■ EXERCISE INSTRUCTIONS
Match the string "xscale" against each line below, and copy every line that matches.

■ TASK MATERIAL
□ □ □ □ □ □ □

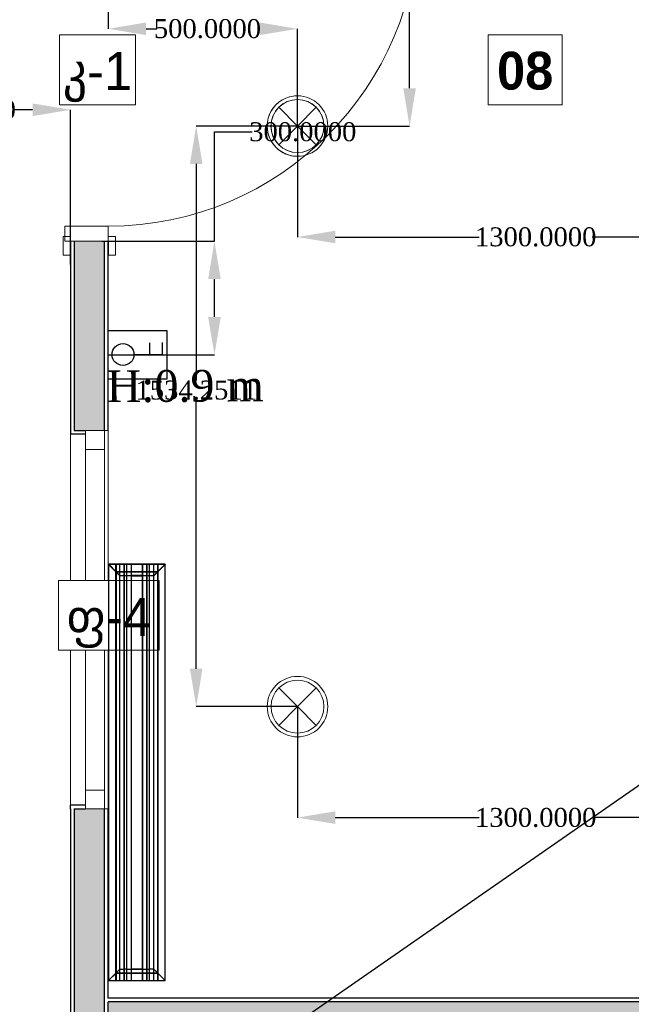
# Model space of a CAD drawing. Header units: millimetres. Extents: x 0 to 88385, y 0 to 41127.
# Tile 219 of 244: x 81691 to 83308, y 29696 to 32298. Entities that reach past the tile are written whole.
import ezdxf
from ezdxf import colors
from ezdxf.entities.mleader import LeaderData, LeaderLine
from ezdxf.math import Vec2, Vec3

# ---------------------------------------------------------------- set-up
doc = ezdxf.new("R2010")
doc.units = ezdxf.units.MM
doc.header["$MEASUREMENT"] = 0
doc.set_wipeout_variables(frame=1)
for name, color, linetype in [('- განათება', 7, 'Continuous'), ('- მექანიკური ნაწილი', 7, 'Continuous'), ('- საშტეფცელო როზეტები', 7, 'Continuous'), ('Edges', 7, 'Continuous'), ('New_Structural - Bearing', 7, 'Continuous')]:
    doc.layers.add(name, color=color, linetype=linetype)
for name, color, linetype, lineweight in [('New_Annotation - Text_Pen_No__20', 1, 'Continuous', 0), ('New_Archicad Doors_Pen_No__1', 7, 'Continuous', 13), ('New_Archicad Windows_Pen_No__1', 7, 'Continuous', 13), ('New_Structural - Bearing_Pen_No__1', 7, 'Continuous', 13)]:
    doc.layers.add(name, color=color, linetype=linetype, lineweight=lineweight)
for name, color, linetype, lineweight, true_color in [('New_Interior - Lamp_Pen_No__77', 7, 'Continuous', 20, 0xffeb28), ('New_Structural - Bearing_Pen_No__5', 7, 'Continuous', 25, 0x40a5ff), ('New_Structural - Bearing_Pen_No__57', 7, 'Continuous', 25, 0xdcd214)]:
    doc.layers.add(name, color=color, linetype=linetype, lineweight=lineweight, true_color=true_color)
doc.styles.add('CT', font='ARIALN.TTF', dxfattribs={"height": 200})
doc.styles.add('GENERATED_STYLE_2', font='txt')
doc.styles.add('GENERATED_STYLE_3', font='txt')
doc.styles.get("Standard").update_dxf_attribs({"font": 'sylfaen.ttf'})
doc.dimstyles.get("Standard").update_dxf_attribs({"dimtxt": 0.18, "dimasz": 0.18, "dimexe": 0.18, "dimexo": 0.0625, "dimgap": 0.09, "dimtad": 0, "dimtih": 1, "dimtoh": 1, "dimdec": 4, "dimzin": 0, "dimdsep": 46, "dimtxsty": 'Standard', "dimcen": 0.09, "dimadec": 0, "dimazin": 0, "dimtfac": 1, "dimtdec": 4, "dimtofl": 0, "dimtmove": 0, "dimatfit": 3, "dimfxl": 1, "dimtolj": 1, "dimtzin": 0, "dimarcsym": 0})

# ---------------------------------------------------------------- blocks, each defined once
blk = doc.blocks.new('Window_2')
at = {"layer": 'New_Archicad Windows_Pen_No__1', "color": 7, "linetype": 'Continuous', "lineweight": 13}
for p, q in [((-500, 10), (500, 10)), ((-500, 10), (-500, 0)), ((-500, 0), (-450, 0)), ((-500, 0), (-500, -50)), ((-500, 0), (-500, -50)), ((-450, 0), (-450, -50)), ((-450, 0), (450, 0)), ((450, -50), (450, 0)), ((450, 0), (500, 0)), ((500, 10), (500, 0)), ((500, 0), (500, -50)), ((500, 0), (500, -50)), ((-450, -50), (-500, -50)), ((-490, -50), (-490, -90)), ((450, -50), (-450, -50)), ((500, -50), (450, -50)), ((490, -50), (490, -90)), ((-500, -90), (-490, -90)), ((-490, -90), (490, -90)), ((500, -90), (490, -90))]:
    blk.add_line(p, q, dxfattribs=at)
blk = doc.blocks.new('Door_3')
at = {"layer": 'New_Archicad Doors_Pen_No__1', "color": 7, "linetype": 'Continuous', "lineweight": 13}
for p, q in [((370, 0), (370, 820)), ((370, 820), (410, 820)), ((410, 820), (410, 0)), ((-487, 0), (-487, 19)), ((-487, 19), (-437, 19)), ((-437, 0), (-487, 0)), ((-450, 0), (-487, 0)), ((-450, 0), (-487, 0)), ((-410, 0), (-450, 0)), ((-450, 0), (-450, -115)), ((-450, 0), (-450, -10)), ((-450, 0), (-450, -10)), ((-437, 19), (-437, 0)), ((-410, -115), (-410, 0)), ((410, 0), (370, 0)), ((450, 0), (410, 0)), ((410, 0), (410, -115)), ((437, 19), (487, 19)), ((437, 0), (437, 19)), ((487, 0), (437, 0)), ((450, -115), (450, 0)), ((450, 0), (450, -10)), ((450, 0), (450, -10)), ((450, 0), (487, 0)), ((450, 0), (487, 0)), ((487, 19), (487, 0)), ((-450, -10), (-450, -90)), ((-450, -10), (-450, -90)), ((450, -10), (450, -90)), ((450, -10), (450, -90)), ((-487, -119), (-487, -100)), ((-487, -100), (-437, -100)), ((-450, -100), (-487, -100)), ((-450, -100), (-487, -100)), ((-450, -90), (-450, -100)), ((-450, -90), (-450, -100)), ((-437, -100), (-437, -119)), ((437, -100), (487, -100)), ((437, -119), (437, -100)), ((450, -90), (450, -100)), ((450, -90), (450, -100)), ((450, -100), (487, -100)), ((450, -100), (487, -100)), ((487, -100), (487, -119)), ((-437, -119), (-487, -119)), ((-450, -115), (-410, -115)), ((410, -115), (450, -115)), ((487, -119), (437, -119))]:
    blk.add_line(p, q, dxfattribs=at)
blk.add_arc((410, 0), 820, 90, 180, dxfattribs=at)
blk = doc.blocks.new('Wall_43', base_point=(-2414.8, 32888))
at = {"layer": 'New_Structural - Bearing_Pen_No__57', "linetype": 'Continuous', "lineweight": 25, "true_color": 0xdcd214}
for points in [[(-2404.8, 31711.9), (-2404.8, 31211.9), (-2374.8, 31211.9), (-2324.8, 31211.9), (-2324.8, 31711.9)], [(-2404.8, 30211.9), (-2404.8, 29429), (-2374.8, 29429), (-2324.8, 29429), (-2324.8, 30211.9), (-2374.8, 30211.9)]]:
    blk.add_hatch(color=52, dxfattribs=at).paths.add_polyline_path(points)
at = {"layer": 'New_Structural - Bearing_Pen_No__1', "color": 7, "linetype": 'Continuous', "lineweight": 13}
for p, q in [((-2404.8, 31711.9), (-2414.8, 31711.9)), ((-2324.8, 31711.9), (-2404.8, 31711.9)), ((-2314.8, 31711.9), (-2324.8, 31711.9)), ((-2374.8, 31211.9), (-2374.8, 31201.9)), ((-2324.8, 31211.9), (-2374.8, 31211.9)), ((-2314.8, 31211.9), (-2324.8, 31211.9)), ((-2374.8, 30211.9), (-2374.8, 30221.9)), ((-2324.8, 30211.9), (-2374.8, 30211.9)), ((-2314.8, 30211.9), (-2324.8, 30211.9))]:
    blk.add_line(p, q, dxfattribs=at)
at = {"layer": 'New_Structural - Bearing_Pen_No__5', "color": 161, "linetype": 'Continuous', "lineweight": 25, "true_color": 0x40a5ff}
for p, q in [((-2414.8, 31711.9), (-2414.8, 31674.9)), ((-2404.8, 31711.9), (-2404.8, 31211.9)), ((-2324.8, 31211.9), (-2324.8, 31711.9)), ((-2314.8, 31711.9), (-2314.8, 31674.9)), ((-2414.8, 31211.9), (-2414.8, 31201.9)), ((-2374.8, 31201.9), (-2414.8, 31201.9)), ((-2404.8, 31211.9), (-2374.8, 31211.9)), ((-2374.8, 30221.9), (-2414.8, 30221.9)), ((-2414.8, 30211.9), (-2414.8, 30221.9)), ((-2404.8, 30211.9), (-2404.8, 29429)), ((-2404.8, 30211.9), (-2374.8, 30211.9)), ((-2324.8, 29429), (-2324.8, 30211.9))]:
    blk.add_line(p, q, dxfattribs=at)
at = {"layer": 'New_Structural - Bearing_Pen_No__5', "color": 161, "linetype": 'Continuous', "lineweight": 25, "true_color": 0x40a5ff, "flags": 128}
for points in [[(-2414.8, 31711.9), (-2414.8, 31211.9)], [(-2314.8, 31211.9), (-2314.8, 31711.9)], [(-2414.8, 30211.9), (-2414.8, 29429)], [(-2314.8, 29712.2), (-2314.8, 30211.9)], [(-2314.8, 29622.2), (-2314.8, 29702.2)]]:
    blk.add_lwpolyline(points, dxfattribs=at)
at = {"layer": 'New_Archicad Doors_Pen_No__1', "color": 7, "linetype": 'Continuous', "lineweight": 13, "xscale": -1, "zscale": 1000, "rotation": 269.9999999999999}
blk.add_blockref('Door_3', (-2314.8, 32161.9), dxfattribs=at)
at = {"layer": 'New_Archicad Windows_Pen_No__1', "color": 7, "linetype": 'Continuous', "lineweight": 13, "xscale": -1, "zscale": 1000, "rotation": 269.9999999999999}
blk.add_blockref('Window_2', (-2324.8, 30711.9), dxfattribs=at)
blk = doc.blocks.new('Wall_75', base_point=(-2414.8, 29612.2))
at = {"layer": 'New_Structural - Bearing_Pen_No__57', "linetype": 'Continuous', "lineweight": 25, "true_color": 0xdcd214}
blk.add_hatch(color=52, dxfattribs=at).paths.add_polyline_path([(-2314.8, 29622.2), (2694.3, 29622.2), (2694.3, 29702.2), (-2314.8, 29702.2)])
at = {"layer": 'New_Structural - Bearing_Pen_No__1', "color": 7, "linetype": 'Continuous', "lineweight": 13, "flags": 128}
blk.add_lwpolyline([(-2314.8, 29622.2), (-2314.8, 29702.2)], dxfattribs=at)
at = {"layer": 'New_Structural - Bearing_Pen_No__5', "color": 161, "linetype": 'Continuous', "lineweight": 25, "true_color": 0x40a5ff}
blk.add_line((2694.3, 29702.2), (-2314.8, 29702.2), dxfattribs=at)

□ □ □ □ □ □ □

■ TASK RESULT
at = {"layer": 'New_Archicad Doors_Pen_No__1', "color": 7, "linetype": 'Continuous', "lineweight": 13, "xscale": -1, "zscale": 1000, "rotation": 269.9999999999999}
at = {"layer": 'New_Archicad Windows_Pen_No__1', "color": 7, "linetype": 'Continuous', "lineweight": 13, "xscale": -1, "zscale": 1000, "rotation": 269.9999999999999}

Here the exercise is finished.